In the material below, find the line containing "for name, color, linetype" and the line containing "29.68231), [0, -50])]", then reproduce exactly both of them and every line between, and nothing else.

**Data for analysis**
[Start of section]

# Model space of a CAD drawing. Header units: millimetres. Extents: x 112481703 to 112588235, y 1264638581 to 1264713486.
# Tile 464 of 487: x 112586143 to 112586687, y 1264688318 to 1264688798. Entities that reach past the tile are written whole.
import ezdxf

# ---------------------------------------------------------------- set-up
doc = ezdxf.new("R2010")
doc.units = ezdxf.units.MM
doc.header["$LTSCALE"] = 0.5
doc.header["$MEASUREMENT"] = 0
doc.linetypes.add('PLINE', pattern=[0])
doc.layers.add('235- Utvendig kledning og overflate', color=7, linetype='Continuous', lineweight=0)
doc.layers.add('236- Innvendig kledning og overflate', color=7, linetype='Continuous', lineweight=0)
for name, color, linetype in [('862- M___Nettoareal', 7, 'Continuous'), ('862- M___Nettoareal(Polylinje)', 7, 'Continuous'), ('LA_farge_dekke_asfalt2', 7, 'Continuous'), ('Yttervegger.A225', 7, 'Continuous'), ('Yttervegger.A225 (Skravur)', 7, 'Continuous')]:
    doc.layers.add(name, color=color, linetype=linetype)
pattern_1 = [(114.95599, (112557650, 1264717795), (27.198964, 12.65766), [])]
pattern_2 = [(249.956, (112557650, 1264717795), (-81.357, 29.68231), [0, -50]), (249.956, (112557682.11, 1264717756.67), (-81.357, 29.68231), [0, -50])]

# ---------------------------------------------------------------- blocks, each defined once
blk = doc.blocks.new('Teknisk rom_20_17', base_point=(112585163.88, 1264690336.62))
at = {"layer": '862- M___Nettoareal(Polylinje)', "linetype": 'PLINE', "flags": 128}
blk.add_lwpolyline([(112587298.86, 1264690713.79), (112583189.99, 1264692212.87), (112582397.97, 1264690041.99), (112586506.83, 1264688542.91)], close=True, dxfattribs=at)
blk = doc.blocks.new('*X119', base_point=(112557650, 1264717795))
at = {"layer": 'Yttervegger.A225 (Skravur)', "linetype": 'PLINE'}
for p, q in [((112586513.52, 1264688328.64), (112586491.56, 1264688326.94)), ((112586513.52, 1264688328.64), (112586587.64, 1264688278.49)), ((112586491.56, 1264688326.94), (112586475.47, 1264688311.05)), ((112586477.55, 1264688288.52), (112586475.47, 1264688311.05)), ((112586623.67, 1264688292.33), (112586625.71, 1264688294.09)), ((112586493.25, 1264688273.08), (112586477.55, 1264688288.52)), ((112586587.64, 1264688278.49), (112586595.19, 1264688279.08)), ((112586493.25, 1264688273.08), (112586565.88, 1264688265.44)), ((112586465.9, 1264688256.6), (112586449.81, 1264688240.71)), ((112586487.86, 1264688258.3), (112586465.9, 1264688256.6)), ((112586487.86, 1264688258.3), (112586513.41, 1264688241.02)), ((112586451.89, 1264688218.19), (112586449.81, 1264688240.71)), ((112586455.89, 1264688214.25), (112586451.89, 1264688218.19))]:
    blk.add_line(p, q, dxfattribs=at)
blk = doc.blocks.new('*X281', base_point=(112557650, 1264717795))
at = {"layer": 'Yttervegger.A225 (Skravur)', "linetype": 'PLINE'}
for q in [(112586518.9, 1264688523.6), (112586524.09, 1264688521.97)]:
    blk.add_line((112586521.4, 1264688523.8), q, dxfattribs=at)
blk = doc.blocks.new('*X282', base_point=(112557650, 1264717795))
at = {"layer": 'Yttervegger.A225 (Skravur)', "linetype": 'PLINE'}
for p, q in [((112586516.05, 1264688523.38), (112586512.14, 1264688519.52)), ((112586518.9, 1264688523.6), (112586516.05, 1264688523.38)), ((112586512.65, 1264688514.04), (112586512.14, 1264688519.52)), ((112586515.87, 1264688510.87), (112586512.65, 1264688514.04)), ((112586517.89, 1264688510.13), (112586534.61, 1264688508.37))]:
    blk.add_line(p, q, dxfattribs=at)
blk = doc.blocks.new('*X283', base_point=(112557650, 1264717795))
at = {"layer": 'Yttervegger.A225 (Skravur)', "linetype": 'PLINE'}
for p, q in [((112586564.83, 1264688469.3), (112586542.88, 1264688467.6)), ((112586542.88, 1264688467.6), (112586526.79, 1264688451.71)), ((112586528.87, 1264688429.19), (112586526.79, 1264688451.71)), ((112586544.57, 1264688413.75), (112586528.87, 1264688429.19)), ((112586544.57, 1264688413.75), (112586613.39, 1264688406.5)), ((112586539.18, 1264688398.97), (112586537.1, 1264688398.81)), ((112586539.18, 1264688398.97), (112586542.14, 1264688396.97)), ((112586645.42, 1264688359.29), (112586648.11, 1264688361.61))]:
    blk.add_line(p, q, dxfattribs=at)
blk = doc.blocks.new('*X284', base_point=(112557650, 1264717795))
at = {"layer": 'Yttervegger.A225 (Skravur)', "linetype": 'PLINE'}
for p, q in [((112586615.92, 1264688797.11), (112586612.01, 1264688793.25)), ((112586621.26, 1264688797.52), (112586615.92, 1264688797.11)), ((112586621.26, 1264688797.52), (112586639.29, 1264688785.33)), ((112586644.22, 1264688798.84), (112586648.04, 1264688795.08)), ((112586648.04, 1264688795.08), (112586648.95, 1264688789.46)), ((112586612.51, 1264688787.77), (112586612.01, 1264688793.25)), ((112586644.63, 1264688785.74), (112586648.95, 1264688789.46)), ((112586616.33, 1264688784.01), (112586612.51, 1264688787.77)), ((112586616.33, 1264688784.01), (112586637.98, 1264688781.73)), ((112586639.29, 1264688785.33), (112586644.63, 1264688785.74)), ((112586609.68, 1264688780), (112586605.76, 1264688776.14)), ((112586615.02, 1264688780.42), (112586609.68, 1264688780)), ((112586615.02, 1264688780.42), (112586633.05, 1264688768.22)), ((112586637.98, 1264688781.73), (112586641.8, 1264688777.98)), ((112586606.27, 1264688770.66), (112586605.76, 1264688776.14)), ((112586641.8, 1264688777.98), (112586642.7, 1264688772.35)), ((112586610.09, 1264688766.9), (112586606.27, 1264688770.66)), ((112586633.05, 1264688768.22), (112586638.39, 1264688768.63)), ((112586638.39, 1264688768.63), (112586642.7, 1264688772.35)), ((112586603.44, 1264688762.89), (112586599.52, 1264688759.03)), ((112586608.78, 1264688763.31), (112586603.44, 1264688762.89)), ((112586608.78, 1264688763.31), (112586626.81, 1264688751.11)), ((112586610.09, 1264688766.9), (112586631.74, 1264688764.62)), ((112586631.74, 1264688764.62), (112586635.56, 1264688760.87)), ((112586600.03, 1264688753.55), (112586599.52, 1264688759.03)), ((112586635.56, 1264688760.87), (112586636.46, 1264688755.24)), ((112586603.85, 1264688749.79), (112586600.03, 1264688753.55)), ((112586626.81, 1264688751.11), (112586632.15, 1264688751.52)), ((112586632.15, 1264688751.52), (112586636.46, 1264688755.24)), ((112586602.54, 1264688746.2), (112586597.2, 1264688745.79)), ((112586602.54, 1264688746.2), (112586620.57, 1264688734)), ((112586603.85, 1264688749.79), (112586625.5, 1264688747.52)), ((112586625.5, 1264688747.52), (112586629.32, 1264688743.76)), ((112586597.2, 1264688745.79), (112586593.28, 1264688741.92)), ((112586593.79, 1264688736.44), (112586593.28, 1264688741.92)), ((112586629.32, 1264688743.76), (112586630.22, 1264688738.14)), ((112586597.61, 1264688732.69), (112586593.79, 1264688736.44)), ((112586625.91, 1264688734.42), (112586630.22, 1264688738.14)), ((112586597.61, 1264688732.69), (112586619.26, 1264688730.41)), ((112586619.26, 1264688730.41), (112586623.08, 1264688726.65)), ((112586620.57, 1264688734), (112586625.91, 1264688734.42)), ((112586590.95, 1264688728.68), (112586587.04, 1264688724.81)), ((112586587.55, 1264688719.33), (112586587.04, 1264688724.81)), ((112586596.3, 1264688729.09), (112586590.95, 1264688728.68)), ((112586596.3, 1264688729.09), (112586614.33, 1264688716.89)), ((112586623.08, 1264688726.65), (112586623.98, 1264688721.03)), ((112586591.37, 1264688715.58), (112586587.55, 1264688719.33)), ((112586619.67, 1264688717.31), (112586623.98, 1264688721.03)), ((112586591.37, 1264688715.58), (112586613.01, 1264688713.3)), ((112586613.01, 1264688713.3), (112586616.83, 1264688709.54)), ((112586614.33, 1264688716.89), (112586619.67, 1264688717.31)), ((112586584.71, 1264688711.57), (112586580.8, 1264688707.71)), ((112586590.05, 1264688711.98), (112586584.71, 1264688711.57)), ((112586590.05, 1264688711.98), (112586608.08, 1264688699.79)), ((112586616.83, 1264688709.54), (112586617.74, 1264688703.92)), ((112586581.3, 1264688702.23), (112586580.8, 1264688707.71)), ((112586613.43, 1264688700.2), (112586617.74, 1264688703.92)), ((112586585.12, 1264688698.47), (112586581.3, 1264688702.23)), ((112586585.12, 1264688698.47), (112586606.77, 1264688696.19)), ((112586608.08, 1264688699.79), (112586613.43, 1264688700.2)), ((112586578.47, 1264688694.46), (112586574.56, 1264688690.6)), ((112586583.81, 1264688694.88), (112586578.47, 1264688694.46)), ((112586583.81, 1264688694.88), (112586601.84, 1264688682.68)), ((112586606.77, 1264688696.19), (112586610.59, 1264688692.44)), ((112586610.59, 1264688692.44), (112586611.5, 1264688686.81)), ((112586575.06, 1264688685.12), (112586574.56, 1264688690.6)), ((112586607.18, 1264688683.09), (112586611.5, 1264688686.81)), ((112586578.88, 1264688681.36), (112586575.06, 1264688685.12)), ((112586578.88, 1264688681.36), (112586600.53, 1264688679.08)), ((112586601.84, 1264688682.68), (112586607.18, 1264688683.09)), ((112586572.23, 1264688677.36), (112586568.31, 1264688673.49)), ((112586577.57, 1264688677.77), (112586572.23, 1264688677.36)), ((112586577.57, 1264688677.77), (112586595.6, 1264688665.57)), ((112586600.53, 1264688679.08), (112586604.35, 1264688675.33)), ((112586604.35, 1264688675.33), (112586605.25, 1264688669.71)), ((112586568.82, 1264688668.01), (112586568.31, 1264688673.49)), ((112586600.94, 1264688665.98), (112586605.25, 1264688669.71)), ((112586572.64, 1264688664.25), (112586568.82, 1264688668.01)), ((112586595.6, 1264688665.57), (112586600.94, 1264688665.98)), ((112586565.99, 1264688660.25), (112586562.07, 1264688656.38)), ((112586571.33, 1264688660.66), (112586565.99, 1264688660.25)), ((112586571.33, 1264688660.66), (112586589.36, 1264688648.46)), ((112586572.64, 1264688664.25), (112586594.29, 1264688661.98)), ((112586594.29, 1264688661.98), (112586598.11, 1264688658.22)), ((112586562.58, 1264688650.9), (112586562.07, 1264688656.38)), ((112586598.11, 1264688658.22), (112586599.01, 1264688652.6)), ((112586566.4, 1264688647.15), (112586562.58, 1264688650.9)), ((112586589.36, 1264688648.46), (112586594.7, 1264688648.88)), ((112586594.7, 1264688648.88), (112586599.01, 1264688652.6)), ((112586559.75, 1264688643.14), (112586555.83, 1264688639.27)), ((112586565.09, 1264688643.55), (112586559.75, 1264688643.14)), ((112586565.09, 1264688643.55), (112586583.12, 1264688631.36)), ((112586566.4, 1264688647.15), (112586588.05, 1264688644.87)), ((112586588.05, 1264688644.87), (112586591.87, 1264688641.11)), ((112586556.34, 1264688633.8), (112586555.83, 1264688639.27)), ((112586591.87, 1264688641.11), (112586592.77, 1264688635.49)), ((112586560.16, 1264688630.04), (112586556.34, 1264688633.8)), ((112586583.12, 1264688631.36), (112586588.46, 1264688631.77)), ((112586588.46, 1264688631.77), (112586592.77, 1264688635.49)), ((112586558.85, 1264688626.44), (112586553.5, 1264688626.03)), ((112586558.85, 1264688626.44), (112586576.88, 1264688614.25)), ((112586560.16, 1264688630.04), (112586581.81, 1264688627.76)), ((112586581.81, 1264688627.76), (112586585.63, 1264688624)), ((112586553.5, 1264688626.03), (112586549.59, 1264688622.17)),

[End of section]

**Result of the task**
for name, color, linetype in [('862- M___Nettoareal', 7, 'Continuous'), ('862- M___Nettoareal(Polylinje)', 7, 'Continuous'), ('LA_farge_dekke_asfalt2', 7, 'Continuous'), ('Yttervegger.A225', 7, 'Continuous'), ('Yttervegger.A225 (Skravur)', 7, 'Continuous')]:
    doc.layers.add(name, color=color, linetype=linetype)
pattern_1 = [(114.95599, (112557650, 1264717795), (27.198964, 12.65766), [])]
pattern_2 = [(249.956, (112557650, 1264717795), (-81.357, 29.68231), [0, -50]), (249.956, (112557682.11, 1264717756.67), (-81.357, 29.68231), [0, -50])]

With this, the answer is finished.